- [Work to be completed] Your task is to repeat the entries exactly from their first line through the line with "# Element 4", and to stop there.

# # # # #

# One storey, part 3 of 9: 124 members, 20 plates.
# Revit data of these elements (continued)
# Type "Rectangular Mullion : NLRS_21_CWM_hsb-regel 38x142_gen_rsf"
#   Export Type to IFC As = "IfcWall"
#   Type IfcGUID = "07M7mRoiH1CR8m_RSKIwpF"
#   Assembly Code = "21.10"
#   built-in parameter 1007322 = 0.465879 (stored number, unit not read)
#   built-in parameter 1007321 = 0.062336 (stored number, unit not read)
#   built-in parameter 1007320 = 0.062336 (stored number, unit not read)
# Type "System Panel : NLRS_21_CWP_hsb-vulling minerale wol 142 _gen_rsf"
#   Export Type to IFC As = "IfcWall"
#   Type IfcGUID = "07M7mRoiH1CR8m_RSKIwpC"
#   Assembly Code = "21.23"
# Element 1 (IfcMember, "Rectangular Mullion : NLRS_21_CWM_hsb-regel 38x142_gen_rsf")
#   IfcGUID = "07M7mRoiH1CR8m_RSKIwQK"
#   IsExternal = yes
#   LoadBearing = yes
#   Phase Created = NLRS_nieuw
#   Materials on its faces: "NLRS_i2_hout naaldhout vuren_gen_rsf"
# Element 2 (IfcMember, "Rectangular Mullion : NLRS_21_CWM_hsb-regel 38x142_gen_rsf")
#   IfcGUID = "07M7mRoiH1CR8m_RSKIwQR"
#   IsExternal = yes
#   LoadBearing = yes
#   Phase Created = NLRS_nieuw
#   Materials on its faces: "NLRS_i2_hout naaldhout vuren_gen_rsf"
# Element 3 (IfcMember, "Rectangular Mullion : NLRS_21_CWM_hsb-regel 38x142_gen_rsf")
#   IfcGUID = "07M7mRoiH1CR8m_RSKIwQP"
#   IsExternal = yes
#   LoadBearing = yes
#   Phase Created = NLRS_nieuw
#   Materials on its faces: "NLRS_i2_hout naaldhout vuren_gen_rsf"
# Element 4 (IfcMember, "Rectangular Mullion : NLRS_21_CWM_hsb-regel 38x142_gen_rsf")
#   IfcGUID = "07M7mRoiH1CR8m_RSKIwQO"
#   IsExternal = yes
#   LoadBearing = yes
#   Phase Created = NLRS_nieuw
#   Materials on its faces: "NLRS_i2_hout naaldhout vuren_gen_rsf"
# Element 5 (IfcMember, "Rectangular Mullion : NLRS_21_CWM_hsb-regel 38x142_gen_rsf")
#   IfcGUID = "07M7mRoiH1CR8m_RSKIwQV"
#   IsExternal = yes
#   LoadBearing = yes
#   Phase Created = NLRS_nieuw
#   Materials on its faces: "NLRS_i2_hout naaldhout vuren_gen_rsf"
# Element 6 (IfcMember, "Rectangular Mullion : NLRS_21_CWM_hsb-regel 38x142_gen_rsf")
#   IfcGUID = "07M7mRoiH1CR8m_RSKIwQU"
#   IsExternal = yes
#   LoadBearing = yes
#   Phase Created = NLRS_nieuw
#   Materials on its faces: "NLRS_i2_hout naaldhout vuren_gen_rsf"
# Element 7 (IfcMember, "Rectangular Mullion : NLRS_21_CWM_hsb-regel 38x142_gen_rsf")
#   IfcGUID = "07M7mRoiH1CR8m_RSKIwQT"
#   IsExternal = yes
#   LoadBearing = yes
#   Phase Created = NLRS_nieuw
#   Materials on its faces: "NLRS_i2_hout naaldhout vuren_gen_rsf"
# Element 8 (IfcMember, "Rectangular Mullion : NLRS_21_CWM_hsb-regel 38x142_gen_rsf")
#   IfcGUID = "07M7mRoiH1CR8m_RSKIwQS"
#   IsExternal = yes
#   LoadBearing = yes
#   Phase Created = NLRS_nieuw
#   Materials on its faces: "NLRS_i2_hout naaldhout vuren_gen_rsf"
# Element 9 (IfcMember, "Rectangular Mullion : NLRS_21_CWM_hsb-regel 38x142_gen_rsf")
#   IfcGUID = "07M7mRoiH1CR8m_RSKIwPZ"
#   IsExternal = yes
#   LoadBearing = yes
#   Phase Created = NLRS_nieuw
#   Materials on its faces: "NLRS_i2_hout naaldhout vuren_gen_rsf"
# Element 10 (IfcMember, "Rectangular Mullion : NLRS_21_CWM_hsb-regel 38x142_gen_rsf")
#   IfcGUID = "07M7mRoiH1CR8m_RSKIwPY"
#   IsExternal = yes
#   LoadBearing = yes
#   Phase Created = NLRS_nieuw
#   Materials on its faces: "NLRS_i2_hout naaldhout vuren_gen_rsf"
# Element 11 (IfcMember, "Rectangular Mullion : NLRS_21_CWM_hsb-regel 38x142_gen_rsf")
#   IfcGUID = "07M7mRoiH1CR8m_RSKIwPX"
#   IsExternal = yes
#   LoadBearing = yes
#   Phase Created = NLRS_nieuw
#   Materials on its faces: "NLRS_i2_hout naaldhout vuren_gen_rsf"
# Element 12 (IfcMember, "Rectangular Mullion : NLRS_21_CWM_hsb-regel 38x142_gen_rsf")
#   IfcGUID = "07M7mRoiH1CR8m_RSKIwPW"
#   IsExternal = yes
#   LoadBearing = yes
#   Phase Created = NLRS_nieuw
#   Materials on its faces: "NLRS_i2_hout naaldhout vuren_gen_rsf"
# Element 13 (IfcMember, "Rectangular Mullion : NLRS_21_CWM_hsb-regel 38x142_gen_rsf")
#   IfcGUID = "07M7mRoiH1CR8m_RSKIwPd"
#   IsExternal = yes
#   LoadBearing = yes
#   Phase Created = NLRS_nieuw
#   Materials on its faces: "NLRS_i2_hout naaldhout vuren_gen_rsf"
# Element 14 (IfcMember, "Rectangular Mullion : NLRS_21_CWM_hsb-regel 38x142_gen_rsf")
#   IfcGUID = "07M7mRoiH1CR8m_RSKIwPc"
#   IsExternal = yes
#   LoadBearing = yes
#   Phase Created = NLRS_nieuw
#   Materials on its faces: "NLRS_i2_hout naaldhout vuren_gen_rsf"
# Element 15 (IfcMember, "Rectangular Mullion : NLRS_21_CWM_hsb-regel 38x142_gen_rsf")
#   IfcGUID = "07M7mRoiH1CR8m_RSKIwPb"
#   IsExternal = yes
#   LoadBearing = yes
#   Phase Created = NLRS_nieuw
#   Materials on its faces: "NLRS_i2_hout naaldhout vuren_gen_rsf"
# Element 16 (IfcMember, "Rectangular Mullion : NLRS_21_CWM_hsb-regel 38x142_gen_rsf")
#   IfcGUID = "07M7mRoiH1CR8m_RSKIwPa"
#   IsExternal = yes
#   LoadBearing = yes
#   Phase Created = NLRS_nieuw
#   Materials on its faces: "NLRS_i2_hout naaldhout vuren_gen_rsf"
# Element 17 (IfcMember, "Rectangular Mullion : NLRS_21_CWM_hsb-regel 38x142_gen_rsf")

# # # # #

- [Answer box]
# One storey, part 3 of 9: 124 members, 20 plates.
# Revit data of these elements (continued)
# Type "Rectangular Mullion : NLRS_21_CWM_hsb-regel 38x142_gen_rsf"
#   Export Type to IFC As = "IfcWall"
#   Type IfcGUID = "07M7mRoiH1CR8m_RSKIwpF"
#   Assembly Code = "21.10"
#   built-in parameter 1007322 = 0.465879 (stored number, unit not read)
#   built-in parameter 1007321 = 0.062336 (stored number, unit not read)
#   built-in parameter 1007320 = 0.062336 (stored number, unit not read)
# Type "System Panel : NLRS_21_CWP_hsb-vulling minerale wol 142 _gen_rsf"
#   Export Type to IFC As = "IfcWall"
#   Type IfcGUID = "07M7mRoiH1CR8m_RSKIwpC"
#   Assembly Code = "21.23"
# Element 1 (IfcMember, "Rectangular Mullion : NLRS_21_CWM_hsb-regel 38x142_gen_rsf")
#   IfcGUID = "07M7mRoiH1CR8m_RSKIwQK"
#   IsExternal = yes
#   LoadBearing = yes
#   Phase Created = NLRS_nieuw
#   Materials on its faces: "NLRS_i2_hout naaldhout vuren_gen_rsf"
# Element 2 (IfcMember, "Rectangular Mullion : NLRS_21_CWM_hsb-regel 38x142_gen_rsf")
#   IfcGUID = "07M7mRoiH1CR8m_RSKIwQR"
#   IsExternal = yes
#   LoadBearing = yes
#   Phase Created = NLRS_nieuw
#   Materials on its faces: "NLRS_i2_hout naaldhout vuren_gen_rsf"
# Element 3 (IfcMember, "Rectangular Mullion : NLRS_21_CWM_hsb-regel 38x142_gen_rsf")
#   IfcGUID = "07M7mRoiH1CR8m_RSKIwQP"
#   IsExternal = yes
#   LoadBearing = yes
#   Phase Created = NLRS_nieuw
#   Materials on its faces: "NLRS_i2_hout naaldhout vuren_gen_rsf"
# Element 4 (IfcMember, "Rectangular Mullion : NLRS_21_CWM_hsb-regel 38x142_gen_rsf")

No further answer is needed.